April 24, 2015 will probably be remembered as the day regulators the world over made a forceful comeback in the entertainment business. The US Federal Communications Commission's (FCC) negative outlook on the Comcast-Time Warner Cable merger pretty much killed the deal, and Comcast announced that they were walking away.
The FCC’s February ruling on net neutrality also highlights the importance of regulatory bodies that have been taken for granted by both the public and the industry players.
The conventional wisdom of the past two decades had been that regulators worldwide were sticking to a "laissez faire" attitude, as the film and television industries were shifting into the 21st century’s ‘Always On, Always Connected’ world. A number of these regulatory bodies, like the FCC, have been bucking the trend by demonstrating a more forceful attitude in their mission.

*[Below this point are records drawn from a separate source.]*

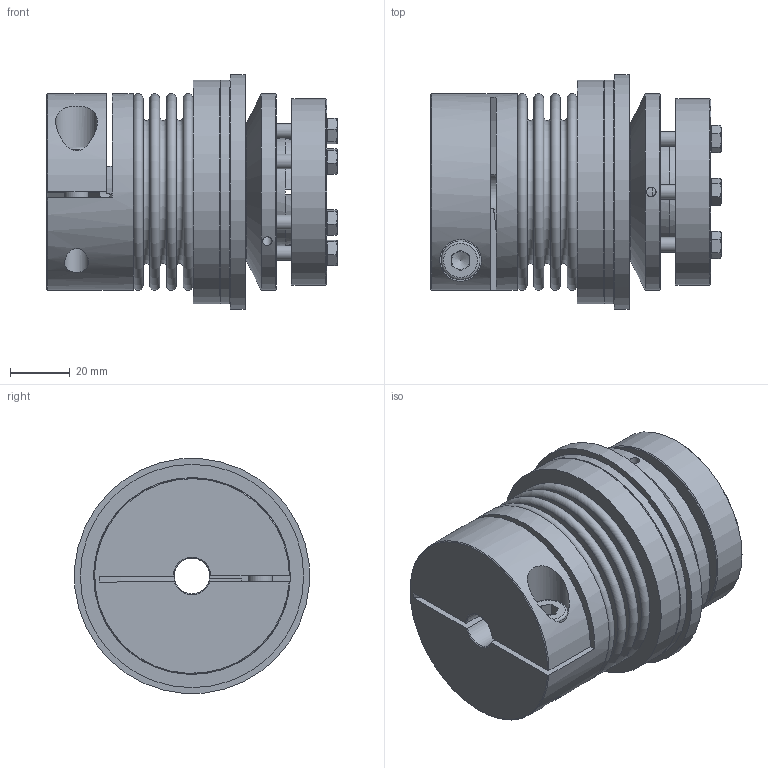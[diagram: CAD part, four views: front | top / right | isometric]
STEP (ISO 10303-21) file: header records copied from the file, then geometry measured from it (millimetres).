
FILE_DESCRIPTION( ( 'Unknown' ), '1' );
FILE_NAME( 'C:/Users/skarpstein/Desktop/Korrigierte 3D Modelle/KBK-B-KA/KBK-BKA-60-98.stp', 'Unknown', ( 'Unknown' ), ( 'Unknown' ), 'PSStep 16.0.42', 'Unknown', ' ' );
FILE_SCHEMA( ( 'AUTOMOTIVE_DESIGN { 1 0 10303 214 1 1 1 1 }' ) );
Length unit declared in the file: millimetre
Products named in the file (10): Assem1; Stellring 60; Druckring 60; Flansch BK60; KN60_Standard_2; Socket Head Cap Screw_DIN_DIN 912 M8 x 25 --- 25N_2; BK60_Standard_0; KBK L-A-60 Grundkörper_0; Druckring L-A-60_0; din_en_24017_m5x20_0
Assembly tree (14 placements, depth 2):
  Assem1
    Stellring 60
    Druckring 60
    Flansch BK60
    KN60_Standard_2
    Socket Head Cap Screw_DIN_DIN 912 M8 x 25 --- 25N_2
    BK60_Standard_0
    KBK L-A-60 Grundkörper_0
    Druckring L-A-60_0
    din_en_24017_m5x20_0  x6
Bounding box: 97.5 x 78.8 x 78.8 mm (x, y, z)
Volume: 244608.4 mm3; surface area: 108477.6 mm2
Topology: 14 solids, 14 shells, 306 faces, 637 edges, 407 vertices
Faces by surface type: plane 148, cone 72, cylinder 60, torus 26
Full cylindrical faces by diameter (mm): 3.242 x3, 4 x3, 4.134 x6, 5 x6, 5.5 x6, 6.88 x6, 8 x2, 8.5 x1, 12 x1, 13 x1, 14 x1, 15 x1, 33 x1, 35 x2, 35.937 x1, 42 x1, 46 x2, 46.5 x1, 47 x1, 56.3 x2, 57.3 x2, 61.3 x1, 62.5 x1, 66 x2, 75 x2, 79 x1
Entity records: 7043 total; most frequent: CARTESIAN_POINT 1343, DIRECTION 885, ORIENTED_EDGE 610, AXIS2_PLACEMENT_3D 402, EDGE_LOOP 348, EDGE_CURVE 305, FACE_OUTER_BOUND 264, VERTEX_POINT 252
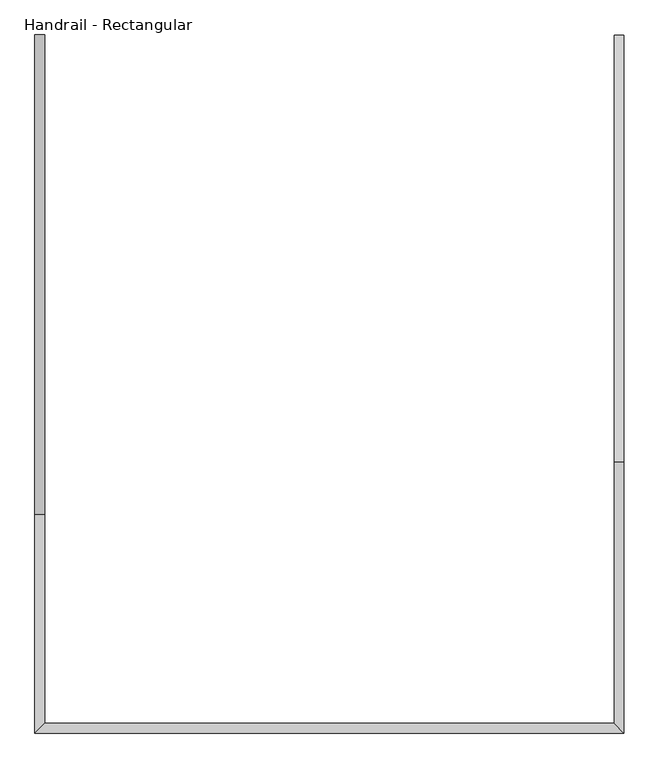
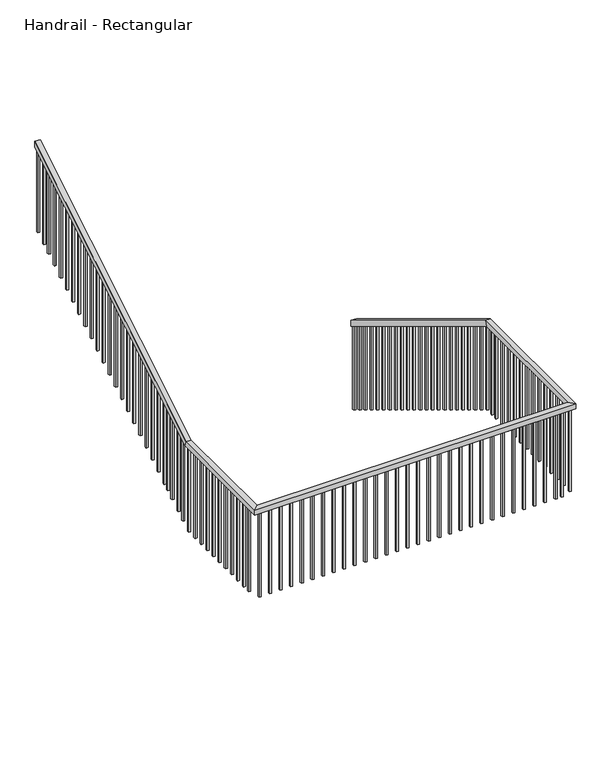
"""IFC4 building model written with IfcOpenShell, lengths in millimetres: railing geometry, Handrail - Rectangular."""

from ifc_helpers import new_model, si_unit, frame, origin, place, context, project, spatial, polyline, outline, extrude, faceted_brep, source, transform, mapped, element, save


def handrail_rectangular_9e17ef01(model_context):
    return source(origin(), model_context, "Body", "SolidModel", [
        faceted_brep([(-22583.8042336, -12204.7769844, 40707.7333333), (-22533.0042336, -12204.7769844, 40707.7333333), (-22533.0042336, -12204.7769844, 40648.3318731), (-22583.8042336, -12204.7769844, 40648.3318731), (-22583.8042336, -14439.9769844, 42062.4), (-22533.0042336, -14439.9769844, 42062.4), (-22533.0042336, -14454.1693938, 42011.6), (-22583.8042336, -14454.1693938, 42011.6), (-22583.8042336, -15811.5769844, 42062.4), (-22533.0042336, -15862.3769844, 42062.4), (-22533.0042336, -15862.3769844, 42011.6), (-22583.8042336, -15811.5769844, 42011.6), (-25569.8917336, -15811.5769844, 42062.4), (-25620.6917336, -15862.3769844, 42062.4), (-25620.6917336, -15862.3769844, 42011.6), (-25569.8917336, -15811.5769844, 42011.6), (-25569.8917336, -14719.3769844, 42062.4), (-25620.6917336, -14719.3769844, 42062.4), (-25620.6917336, -14705.184575, 42011.6), (-25569.8917336, -14705.184575, 42011.6), (-25569.8917336, -12204.7769844, 43586.4), (-25569.8917336, -12204.7769844, 43526.9985397), (-25620.6917336, -12204.7769844, 43526.9985397), (-25620.6917336, -12204.7769844, 43586.4)], [[[0, 1, 2, 3]], [[1, 0, 4, 5]], [[2, 1, 5, 6]], [[3, 2, 6, 7]], [[0, 3, 7, 4]], [[5, 4, 8, 9]], [[6, 5, 9, 10]], [[7, 6, 10, 11]], [[4, 7, 11, 8]], [[9, 8, 12, 13]], [[10, 9, 13, 14]], [[11, 10, 14, 15]], [[8, 11, 15, 12]], [[13, 12, 16, 17]], [[14, 13, 17, 18]], [[15, 14, 18, 19]], [[12, 15, 19, 16]], [[20, 21, 22, 23]], [[17, 16, 20, 23]], [[18, 17, 23, 22]], [[19, 18, 22, 21]], [[16, 19, 21, 20]]]),
        extrude(outline(polyline([(-12204.7769844, 42666.2272727), (-12223.8269844, 42666.2272727), (-12223.8269844, 43515.4530852), (-12204.7769844, 43526.9985397), (-12204.7769844, 42666.2272727)])), frame((-25604.8167336, 0.0, 0.0), z_axis=(1.0, 0.0, 0.0), x_axis=(0.0, 1.0, 0.0)), (0.0, 0.0, 1.0), 19.05),
        extrude(outline(polyline([(-12306.3769844, 42604.6515152), (-12325.4269844, 42604.6515152), (-12325.4269844, 43453.8773276), (-12306.3769844, 43465.4227822), (-12306.3769844, 42604.6515152)])), frame((-25604.8167336, 0.0, 0.0), z_axis=(1.0, 0.0, 0.0), x_axis=(0.0, 1.0, 0.0)), (0.0, 0.0, 1.0), 19.05),
        extrude(outline(polyline([(-12385.7519844, 42556.5454545), (-12404.8019844, 42556.5454545), (-12404.8019844, 43405.771267), (-12385.7519844, 43417.3167216), (-12385.7519844, 42556.5454545)])), frame((-25604.8167336, 0.0, 0.0), z_axis=(1.0, 0.0, 0.0), x_axis=(0.0, 1.0, 0.0)), (0.0, 0.0, 1.0), 19.05),
        extrude(outline(polyline([(-12484.1769844, 42496.8939394), (-12503.2269844, 42496.8939394), (-12503.2269844, 43346.1197519), (-12484.1769844, 43357.6652064), (-12484.1769844, 42496.8939394)])), frame((-25604.8167336, 0.0, 0.0), z_axis=(1.0, 0.0, 0.0), x_axis=(0.0, 1.0, 0.0)), (0.0, 0.0, 1.0), 19.05),
        extrude(outline(polyline([(-12585.7769844, 42435.3181818), (-12604.8269844, 42435.3181818), (-12604.8269844, 43284.5439943), (-12585.7769844, 43296.0894488), (-12585.7769844, 42435.3181818)])), frame((-25604.8167336, 0.0, 0.0), z_axis=(1.0, 0.0, 0.0), x_axis=(0.0, 1.0, 0.0)), (0.0, 0.0, 1.0), 19.05),
        extrude(outline(polyline([(-12687.3769844, 42373.7424242), (-12706.4269844, 42373.7424242), (-12706.4269844, 43222.9682367), (-12687.3769844, 43234.5136913), (-12687.3769844, 42373.7424242)])), frame((-25604.8167336, 0.0, 0.0), z_axis=(1.0, 0.0, 0.0), x_axis=(0.0, 1.0, 0.0)), (0.0, 0.0, 1.0), 19.05),
        extrude(outline(polyline([(-12788.9769844, 42312.1666667), (-12808.0269844, 42312.1666667), (-12808.0269844, 43161.3924791), (-12788.9769844, 43172.9379337), (-12788.9769844, 42312.1666667)])), frame((-25604.8167336, 0.0, 0.0), z_axis=(1.0, 0.0, 0.0), x_axis=(0.0, 1.0, 0.0)), (0.0, 0.0, 1.0), 19.05),
        extrude(outline(polyline([(-12890.5769844, 42250.5909091), (-12909.6269844, 42250.5909091), (-12909.6269844, 43099.8167216), (-12890.5769844, 43111.3621761), (-12890.5769844, 42250.5909091)])), frame((-25604.8167336, 0.0, 0.0), z_axis=(1.0, 0.0, 0.0), x_axis=(0.0, 1.0, 0.0)), (0.0, 0.0, 1.0), 19.05),
        extrude(outline(polyline([(-12992.1769844, 42189.0151515), (-13011.2269844, 42189.0151515), (-13011.2269844, 43038.240964), (-12992.1769844, 43049.7864185), (-12992.1769844, 42189.0151515)])), frame((-25604.8167336, 0.0, 0.0), z_axis=(1.0, 0.0, 0.0), x_axis=(0.0, 1.0, 0.0)), (0.0, 0.0, 1.0), 19.05),
        extrude(outline(polyline([(-13093.7769844, 42127.4393939), (-13112.8269844, 42127.4393939), (-13112.8269844, 42976.6652064), (-13093.7769844, 42988.210661), (-13093.7769844, 42127.4393939)])), frame((-25604.8167336, 0.0, 0.0), z_axis=(1.0, 0.0, 0.0), x_axis=(0.0, 1.0, 0.0)), (0.0, 0.0, 1.0), 19.05),
        extrude(outline(polyline([(-13195.3769844, 42065.8636364), (-13214.4269844, 42065.8636364), (-13214.4269844, 42915.0894488), (-13195.3769844, 42926.6349034), (-13195.3769844, 42065.8636364)])), frame((-25604.8167336, 0.0, 0.0), z_axis=(1.0, 0.0, 0.0), x_axis=(0.0, 1.0, 0.0)), (0.0, 0.0, 1.0), 19.05),
        extrude(outline(polyline([(-13296.9769844, 42004.2878788), (-13316.0269844, 42004.2878788), (-13316.0269844, 42853.5136913), (-13296.9769844, 42865.0591458), (-13296.9769844, 42004.2878788)])), frame((-25604.8167336, 0.0, 0.0), z_axis=(1.0, 0.0, 0.0), x_axis=(0.0, 1.0, 0.0)), (0.0, 0.0, 1.0), 19.05),
        extrude(outline(polyline([(-13398.5769844, 41942.7121212), (-13417.6269844, 41942.7121212), (-13417.6269844, 42791.9379337), (-13398.5769844, 42803.4833882), (-13398.5769844, 41942.7121212)])), frame((-25604.8167336, 0.0, 0.0), z_axis=(1.0, 0.0, 0.0), x_axis=(0.0, 1.0, 0.0)), (0.0, 0.0, 1.0), 19.05),
        extrude(outline(polyline([(-13500.1769844, 41881.1363636), (-13519.2269844, 41881.1363636), (-13519.2269844, 42730.3621761), (-13500.1769844, 42741.9076307), (-13500.1769844, 41881.1363636)])), frame((-25604.8167336, 0.0, 0.0), z_axis=(1.0, 0.0, 0.0), x_axis=(0.0, 1.0, 0.0)), (0.0, 0.0, 1.0), 19.05),
        extrude(outline(polyline([(-13601.7769844, 41819.5606061), (-13620.8269844, 41819.5606061), (-13620.8269844, 42668.7864185), (-13601.7769844, 42680.3318731), (-13601.7769844, 41819.5606061)])), frame((-25604.8167336, 0.0, 0.0), z_axis=(1.0, 0.0, 0.0), x_axis=(0.0, 1.0, 0.0)), (0.0, 0.0, 1.0), 19.05),
        extrude(outline(polyline([(-13703.3769844, 41757.9848485), (-13722.4269844, 41757.9848485), (-13722.4269844, 42607.210661), (-13703.3769844, 42618.7561155), (-13703.3769844, 41757.9848485)])), frame((-25604.8167336, 0.0, 0.0), z_axis=(1.0, 0.0, 0.0), x_axis=(0.0, 1.0, 0.0)), (0.0, 0.0, 1.0), 19.05),
        extrude(outline(polyline([(-13804.9769844, 41696.4090909), (-13824.0269844, 41696.4090909), (-13824.0269844, 42545.6349034), (-13804.9769844, 42557.1803579), (-13804.9769844, 41696.4090909)])), frame((-25604.8167336, 0.0, 0.0), z_axis=(1.0, 0.0, 0.0), x_axis=(0.0, 1.0, 0.0)), (0.0, 0.0, 1.0), 19.05),
        extrude(outline(polyline([(-13906.5769844, 41634.8333333), (-13925.6269844, 41634.8333333), (-13925.6269844, 42484.0591458), (-13906.5769844, 42495.6046004), (-13906.5769844, 41634.8333333)])), frame((-25604.8167336, 0.0, 0.0), z_axis=(1.0, 0.0, 0.0), x_axis=(0.0, 1.0, 0.0)), (0.0, 0.0, 1.0), 19.05),
        extrude(outline(polyline([(-14008.1769844, 41573.2575758), (-14027.2269844, 41573.2575758), (-14027.2269844, 42422.4833882), (-14008.1769844, 42434.0288428), (-14008.1769844, 41573.2575758)])), frame((-25604.8167336, 0.0, 0.0), z_axis=(1.0, 0.0, 0.0), x_axis=(0.0, 1.0, 0.0)), (0.0, 0.0, 1.0), 19.05),
        extrude(outline(polyline([(-14109.7769844, 41511.6818182), (-14128.8269844, 41511.6818182), (-14128.8269844, 42360.9076307), (-14109.7769844, 42372.4530852), (-14109.7769844, 41511.6818182)])), frame((-25604.8167336, 0.0, 0.0), z_axis=(1.0, 0.0, 0.0), x_axis=(0.0, 1.0, 0.0)), (0.0, 0.0, 1.0), 19.05),
        extrude(outline(polyline([(-14211.3769844, 41450.1060606), (-14230.4269844, 41450.1060606), (-14230.4269844, 42299.3318731), (-14211.3769844, 42310.8773276), (-14211.3769844, 41450.1060606)])), frame((-25604.8167336, 0.0, 0.0), z_axis=(1.0, 0.0, 0.0), x_axis=(0.0, 1.0, 0.0)), (0.0, 0.0, 1.0), 19.05),
        extrude(outline(polyline([(-14312.9769844, 41388.530303), (-14332.0269844, 41388.530303), (-14332.0269844, 42237.7561155), (-14312.9769844, 42249.30157), (-14312.9769844, 41388.530303)])), frame((-25604.8167336, 0.0, 0.0), z_axis=(1.0, 0.0, 0.0), x_axis=(0.0, 1.0, 0.0)), (0.0, 0.0, 1.0), 19.05),
        extrude(outline(polyline([(-14366.9519844, 41355.8181818), (-14386.0019844, 41355.8181818), (-14386.0019844, 42205.0439943), (-14366.9519844, 42216.5894488), (-14366.9519844, 41355.8181818)])), frame((-25604.8167336, 0.0, 0.0), z_axis=(1.0, 0.0, 0.0), x_axis=(0.0, 1.0, 0.0)), (0.0, 0.0, 1.0), 19.05),
        extrude(outline(polyline([(-14439.9769844, 41311.5606061), (-14459.0269844, 41311.5606061), (-14459.0269844, 42160.7864185), (-14439.9769844, 42172.3318731), (-14439.9769844, 41311.5606061)])), frame((-25604.8167336, 0.0, 0.0), z_axis=(1.0, 0.0, 0.0), x_axis=(0.0, 1.0, 0.0)), (0.0, 0.0, 1.0), 19.05),
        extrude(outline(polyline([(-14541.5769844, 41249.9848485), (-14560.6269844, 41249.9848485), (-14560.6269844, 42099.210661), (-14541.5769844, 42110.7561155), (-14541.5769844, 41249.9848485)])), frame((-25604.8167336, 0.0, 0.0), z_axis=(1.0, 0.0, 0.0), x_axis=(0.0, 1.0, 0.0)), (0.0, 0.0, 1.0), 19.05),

The FCC’s latest decisions under Chairman Tom Wheeler signal that the regulator is going to carry its mission to the letter, which is to “make available so far as possible, to all the people of the United States [...] rapid, efficient, nation-wide and world-wide wire and radio communication services with adequate facilities at reasonable charges."
Chairman Wheeler struck a decisive toneat a cable industry conference on May 6, telling attendees: “You are no longer the ‘cable’ industry. You are the leading association of leading broadband providers. [...] You don’t have a lot of competition, especially at the higher speeds that are increasingly important to the consumer of online video.”
That same week, Comcast’s numbers revealed that, for the first time, the company had more broadband than cable TV subscribers. This tipping point was highlighted in CMF’s 2015 Keytrends Report.
The FCC recognizes this new state of affairs and, for the time being, seems bent on using its mandate to ensure that the market remains as fair as possible to consumers and to suppliers of the cable and broadband industry. The other upcoming convergent deals, such as AT&T and DirecTV, as well as the possible merger of T-Mobile and Dish, will also be examined with the consumer’s interests at the core.
The situation in Europe has been particularly interesting due to increasingly louder calls for a Europe-wide regulation for the telecom as well as the content and cable industries. The European Union (EU) has already put in place a single roaming market for mobile telecoms. Also, the arrival of global over-the-top (OTT) video players such as Netflix and Amazon Prime on its shores is sparking a movement towards regulation.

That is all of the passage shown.